Thursday, February 19, 2015

Why you need to worry about dehydration when exercising in bitter cold

It's February 19th, yet here we are again with below-zero wind chills in the Chicago area. Competing or training in cold weather presents its own set of challenges. Dehydration – believe it or not – is a major issue. Here is why...

1. The body tries to keep your core warm
Normally your body carries blood to your extremities during exercise. But in the cold, your body preferentially tends to keep blood close to its core in order to stay warm. This increases your blood pressure, which will affect your kidneys and increase your need to urinate. 

2. Cold, dry air = more fluid lost
When you exercise in the cold, your lungs have to warm and humidify the incoming cold, dry air. Just by doing this, you can lose up to one quart of fluid daily. 

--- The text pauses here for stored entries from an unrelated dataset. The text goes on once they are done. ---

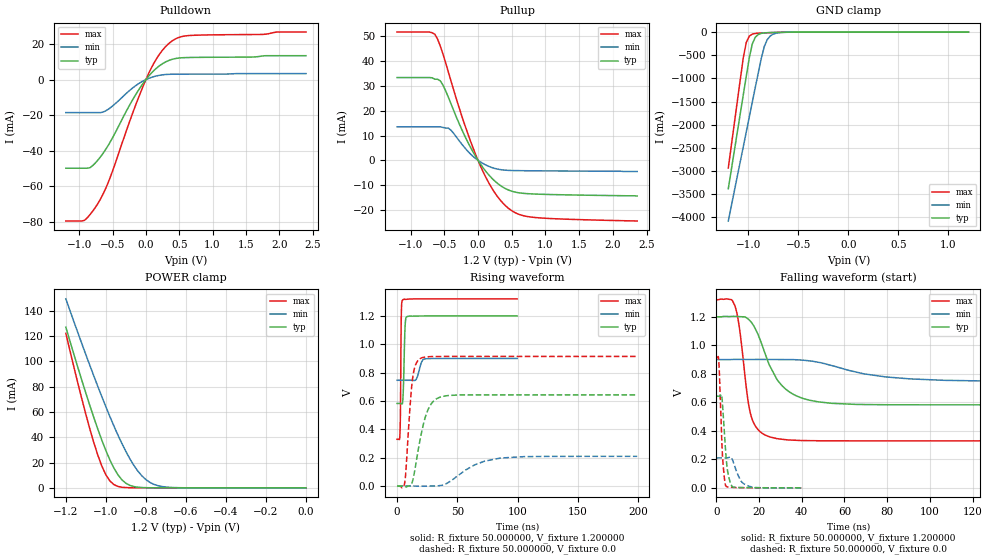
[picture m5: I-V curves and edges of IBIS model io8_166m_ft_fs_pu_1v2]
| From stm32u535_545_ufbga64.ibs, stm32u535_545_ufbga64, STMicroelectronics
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|   Model io8_166m_ft_fs_pu_1v2
[Model]  io8_166m_ft_fs_pu_1v2
Model_type I/O
Polarity   Non-Inverting
Enable   Active-Low
Vinl =   0.360000V
Vinh =   0.840000V
Vmeas =  0.600000V
Cref =   50.000000pF
Rref =   100.000000M
Vref =   0.0V
C_comp   3.151500pF   3.086800pF   3.197700pF
[Temperature Range]   25.000000   0.140000k   -40.000000
[Pullup Reference]   1.200000V   0.900000V   1.320000V
[Pulldown Reference]   0.0V   0.0V   0.0V
[POWER Clamp Reference]   1.200000V   0.900000V   1.320000V
[GND Clamp Reference]   0.0V   0.0V   0.0V
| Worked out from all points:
|   slope of the pulldown table from 0 to 0.18 V, typ, clamps not added: 25.4 ohm
|   slope of the pullup table from 0 to 0.18 V, typ, clamps not added: 27.8 ohm
|   GND clamp passes 1 mA (typ) near -0.51 V on its own axis
|   POWER clamp passes 1 mA (typ) near -0.86 V on its own axis
|   rising waveform, R_fixture 50.000000, V_fixture 1.200000: 20-80 % time 1.12ns typ, 3.01ns min, 569ps max; typ from 0.583 V to 1.2 V
|   rising waveform, R_fixture 50.000000, V_fixture 0.0: 20-80 % time 9.51ns typ, 24.6ns min, 4.59ns max; typ from 0 V to 0.643 V
|   falling waveform, R_fixture 50.000000, V_fixture 1.200000: 20-80 % time 12ns typ, 29.3ns min, 5.07ns max; typ from 1.2 V to 0.583 V
|   falling waveform, R_fixture 50.000000, V_fixture 0.0: 20-80 % time 1.95ns typ, 3.63ns min, 1.47ns max; typ from 0.643 V to 0 V
[Pulldown]
|Voltage   I(typ)   I(min)   I(max)
-1.2V     -49.86mA   -18.57mA   -79.56mA
-920mV    -49.86mA   -18.57mA   -79.19mA
-840mV    -49.6mA    -18.57mA   -76.08mA
-720mV    -45.32mA   -18.57mA   -69.74mA
-560mV    -36.71mA   -16.58mA   -57.44mA
-200mV    -11.43mA   -4.74mA    -19.03mA
0V        0A         0A         0A
160mV     6.477mA    2.075mA    11.78mA
360mV     10.99mA    2.99mA     20.81mA
480mV     12.07mA    3.054mA    23.52mA
640mV     12.43mA    3.075mA    24.76mA
2.4V      13.45mA    3.36mA     26.76mA
[Pullup]
|Voltage   I(typ)   I(min)   I(max)
-1.2V     33.39mA    13.53mA    51.75mA
-640mV    32.72mA    13.53mA    50.87mA
-560mV    32.1mA     13.53mA    46.17mA
-520mV    30.37mA    13.28mA    42.92mA
-400mV    22.74mA    12.14mA    31.92mA
-240mV    12.39mA    6.508mA    17.85mA
0V        580fA      234pA      0A
200mV     -7.072mA   -2.851mA   -11mA
440mV     -11.84mA   -4.03mA    -19.1mA
600mV     -13.07mA   -4.154mA   -21.71mA
840mV     -13.59mA   -4.223mA   -23.04mA
2.36V     -14.4mA    -4.5mA     -24.47mA
[GND_clamp]
|Voltage   I(typ)   I(min)   I(max)
-1.2V     -3.379A    -4.076A    -2.932A
-1.05V    -1.35A     -2.47A     -550.7mA
-1.02V    -947.8mA   -2.149A    -221.5mA
-990mV    -552.4mA   -1.829A    -88.44mA
-960mV    -255.3mA   -1.51A     -44.87mA
-930mV    -111.8mA   -1.191A    -30.68mA
-870mV    -28.36mA   -564.6mA   -21.34mA
-840mV    -18.65mA   -309.5mA   -18.49mA
-810mV    -14.07mA   -161.6mA   -15.92mA
-780mV    -11.37mA   -83.33mA   -13.53mA
-600mV    -3.009mA   -4.322mA   -3.091mA
1.2V      0A         13.65nA    0A
[POWER_clamp]
|Voltage   I(typ)   I(min)   I(max)
-1.2V     127mA      149.4mA    122.2mA
-1.12V    84.98mA    114mA      70.29mA
-1.06V    55.52mA    88.42mA    35.69mA
-1.02V    37.64mA    72.04mA    17.19mA
-1V       29.52mA    64.13mA    10.33mA
-960mV    15.7mA     48.99mA    2.596mA
-900mV    3.636mA    28.77mA    207.8uA
-840mV    502.9uA    13.24mA    43.45uA
-800mV    129uA      6.535mA    43.45uA
-740mV    26.2uA     1.726mA    43.45uA
-620mV    25.1uA     82.33uA    35.72uA
0V        0A         17.36nA    0A
[Ramp]
| variable   typ   min   max
dV/dt_r  0.38568/9.50395n   0.12561/24.60184n   0.54819/4.57784n
dV/dt_f  0.37043/11.97971n   92.35200m/29.34628n 0.59405/5.05410n
R_load = 50.000000
[Rising Waveform]
R_fixture= 50.000000
V_fixture= 1.200000
V_fixture_min= 0.900000
V_fixture_max= 1.320000
|time   V(typ)   V(min)   V(max)
0s        582.6mV    746mV      329.9mV
2.402ns   582.7mV    746mV      368.3mV
2.803ns   582.7mV    746mV      519.1mV
3.203ns   582.3mV    746mV      967.4mV
3.604ns   580.9mV    746mV      1.24V
4.605ns   589.8mV    746mV      1.312V
6.607ns   1.116V     746.1mV    1.316V
8.008ns   1.193V     746.1mV    1.317V
22.82ns   1.2V       896.8mV    1.32V
99.7ns    1.2V       900mV      1.32V
[Rising Waveform]
R_fixture= 50.000000
V_fixture= 0.0
V_fixture_min= 0.0
V_fixture_max= 0.0
|time   V(typ)   V(min)   V(max)
0s        435.6uV    496.7uV    380uV
6.406ns   -3.122mV   496uV      27.19mV
10.81ns   2.254mV    499uV      564.7mV
12.81ns   34.17mV    532.7uV    754mV
15.22ns   136.6mV    192uV      852.4mV
19.22ns   332.6mV    -655.5uV   898.9mV
26.83ns   558.3mV    589.6uV    912.5mV
37.64ns   631.9mV    6.715mV    913.9mV
86.09ns   643.2mV    197.9mV    914mV
199.4ns   643.3mV    210mV      914mV
[Falling Waveform]
R_fixture= 50.000000
V_fixture= 1.200000
V_fixture_min= 0.900000
V_fixture_max= 1.320000
|time   V(typ)   V(min)   V(max)
0s        1.2V       900mV      1.32V
8.809ns   1.203V     901.1mV    1.273V
10.81ns   1.201V     901.2mV    1.124V
16.02ns   1.168V     900.6mV    520.2mV
19.22ns   1.087V     900.8mV    414.2mV
25.23ns   850.4mV    900.5mV    356.8mV
35.64ns   659.7mV    899.6mV    335mV
54.05ns   593.2mV    857.9mV    330.1mV
90.49ns   582.7mV    764.7mV    329.9mV
199.4ns   582.6mV    746mV      329.9mV
[Falling Waveform]
R_fixture= 50.000000
V_fixture= 0.0
V_fixture_min= 0.0
V_fixture_max= 0.0
|time   V(typ)   V(min)   V(max)
0s        643.3mV    210mV      914mV
1.201ns   643.1mV    210mV      877.5mV
2.563ns   644.5mV    210mV      333.6mV
3.363ns   484.1mV    209.9mV    134.9mV
4.484ns   235.1mV    209.6mV    13.37mV
5.606ns   93.18mV    212.3mV    5.873mV
7.768ns   6.367mV    189.2mV    3.727mV
11.53ns   2.618mV    49.48mV    1.519mV
15.46ns   1.807mV    11.06mV    810.7uV
39.88ns   435.6uV    496.7uV    380uV
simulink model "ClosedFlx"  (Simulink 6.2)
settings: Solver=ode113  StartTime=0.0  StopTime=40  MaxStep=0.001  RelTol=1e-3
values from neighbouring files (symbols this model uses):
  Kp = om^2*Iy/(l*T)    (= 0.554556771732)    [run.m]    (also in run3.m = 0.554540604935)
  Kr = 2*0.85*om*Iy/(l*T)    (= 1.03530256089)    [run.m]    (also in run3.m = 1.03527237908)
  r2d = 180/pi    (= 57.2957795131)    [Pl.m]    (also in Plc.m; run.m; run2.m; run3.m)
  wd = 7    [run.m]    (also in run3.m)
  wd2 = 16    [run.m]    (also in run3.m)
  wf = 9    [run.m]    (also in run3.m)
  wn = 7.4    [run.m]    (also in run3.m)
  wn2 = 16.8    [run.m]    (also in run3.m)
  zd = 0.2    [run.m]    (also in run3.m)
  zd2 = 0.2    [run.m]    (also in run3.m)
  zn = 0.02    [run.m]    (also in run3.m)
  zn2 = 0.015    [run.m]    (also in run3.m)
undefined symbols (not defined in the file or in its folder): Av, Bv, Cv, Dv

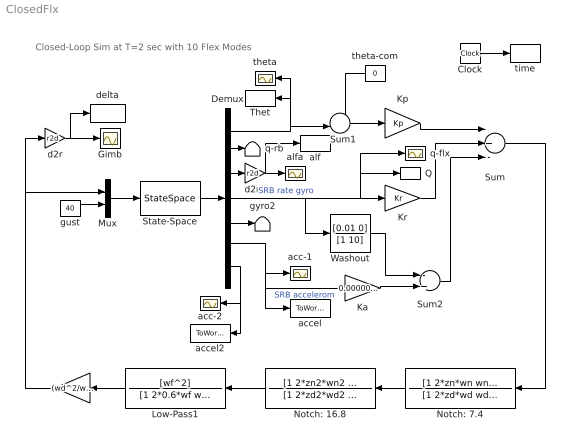
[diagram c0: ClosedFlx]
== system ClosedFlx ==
  note: Closed-Loop Sim at T=2 sec with 10 Flex Modes
  " " : Gain  Orientation=left  Gain=(wd^2/wn^2)*(wd2^2/wn2^2)
  Clock : Clock
  Demux : Demux  Outputs=7
  Gimb : Scope
  Ka : Gain  Gain=0.0000015
  Kp : Gain  Gain=Kp
  Kr : Gain  Gain=Kr
  Low-Pass1 : TransferFcn  Orientation=left  Numerator=[wf^2]  Denominator=[1 2*0.6*wf wf^2]
  Mux : Mux  Inputs=2
  Notch: 16.8 : TransferFcn  Orientation=left  Numerator=[1 2*zn2*wn2 wn2^2]  Denominator=[1 2*zd2*wd2 wd2^2]
  Notch: 7.4 : TransferFcn  Orientation=left  Numerator=[1 2*zn*wn wn^2]  Denominator=[1 2*zd*wd wd^2]
  Q : ToWorkspace  VariableName=q  SampleTime=-1  SaveFormat=Array
  State-Space : StateSpace  A=Av  B=Bv  C=Cv  D=Dv
  Sum : Sum  Inputs=-+-
  Sum1 : Sum  Inputs=+-|
  Sum2 : Sum  Inputs=-+
  Thet : ToWorkspace  VariableName=theta  SampleTime=-1  SaveFormat=Array
  Washout : TransferFcn  Numerator=[0.01 0]  Denominator=[1 10]
  acc-1 : Scope
  acc-2 : Scope
  accel : ToWorkspace  VariableName=accel_1  SampleTime=-1  SaveFormat=Array
  accel2 : ToWorkspace  VariableName=accel_2  SampleTime=-1  SaveFormat=Array
  alf : ToWorkspace  VariableName=alpha  SampleTime=-1  SaveFormat=Array
  alfa : Scope
  d2r : Gain  Gain=r2d
  d2r1 : Gain  Gain=r2d
  delta : ToWorkspace  VariableName=delta  SampleTime=-1  SaveFormat=Array
  gust : Constant  Value=40
  gyro2 : Terminator
  q-flx : Scope
  q-rb : Terminator
  theta : Scope
  theta-com : Constant  Orientation=left  Value=0
  time : ToWorkspace  VariableName=time  SampleTime=-1  SaveFormat=Array
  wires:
  Mux/1 -> State-Space/1
  gust/1 -> Mux/2
  theta-com/1 -> Sum1/1
  Notch: 16.8/1 -> Low-Pass1/1
  Kr/1 -> Sum/2
  Kp/1 -> Sum/1
  Sum1/1 -> Kp/1
  Sum/1 -> Notch: 7.4/1
  Clock/1 -> time/1
  Demux/1 -> Thet/1, theta/1, Sum1/2
  Demux/2 -> q-rb/1
  Demux/4 -> Kr/1, Q/1, q-flx/1, Washout/1  "SRB rate gyro"
  Demux/6 -> Ka/1, accel/1, acc-1/1  "SRB accelerom"
  Demux/7 -> acc-2/1, accel2/1
  State-Space/1 -> Demux/1
  Demux/5 -> gyro2/1
  Ka/1 -> Sum2/2
  Washout/1 -> Sum2/1
  Sum2/1 -> Sum/3
  d2r/1 -> Gimb/1, delta/1
  Demux/3 -> d2r1/1
  d2r1/1 -> alfa/1, alf/1
  " "/1 -> Mux/1, d2r/1
  Low-Pass1/1 -> " "/1
  Notch: 7.4/1 -> Notch: 16.8/1

3. Concentration and focus is lost
Dehydration causes you to fatigue more quickly, affects your ability to maintain your core temperature, and decreases your concentration and focus. Unfortunately, success in many winter sports depends more on perfection of technique vs. cardiovascular capability (think skiing, snowboarding or even running on icy roads or trails). A decrease in focus is not something you want.

So how can you deal with this? 
First, it’s important to choose the right apparel. Wear clothes that are breathable and won’t cause your body to sweat excessively, resulting in more fluid loss.

Second, if you are planning a short-term cold weather experience, like skiing on a small hill or doing a shorter run, plan to take frequent breaks. Set an alarm on your phone or clock to remind yourself to visit the lodge for fluid and fuel or stop for water. However, if you are planning to be out for multiple hours – perhaps on a real ski or snowboard mountain or doing a long run, use hydration products. A camelbak, for examples, can be worn close to your body, which will prevent the fluid in it from freezing. Drink a few gulps every 15-20 minutes. 

Third, although you may be completely surrounded by it, eating snow is not a good idea. The energy you expend trying to warm the snow once inside your body will decrease your body temperature, potentially inducing hypothermia. 

Fourth, focus on your meals. Plan to eat a meal or snack before you exercise because increasing your metabolism will increase your core temperature. At all meals or snacks, choose foods such as soups and hot drinks that increase fluid intake and body temperature.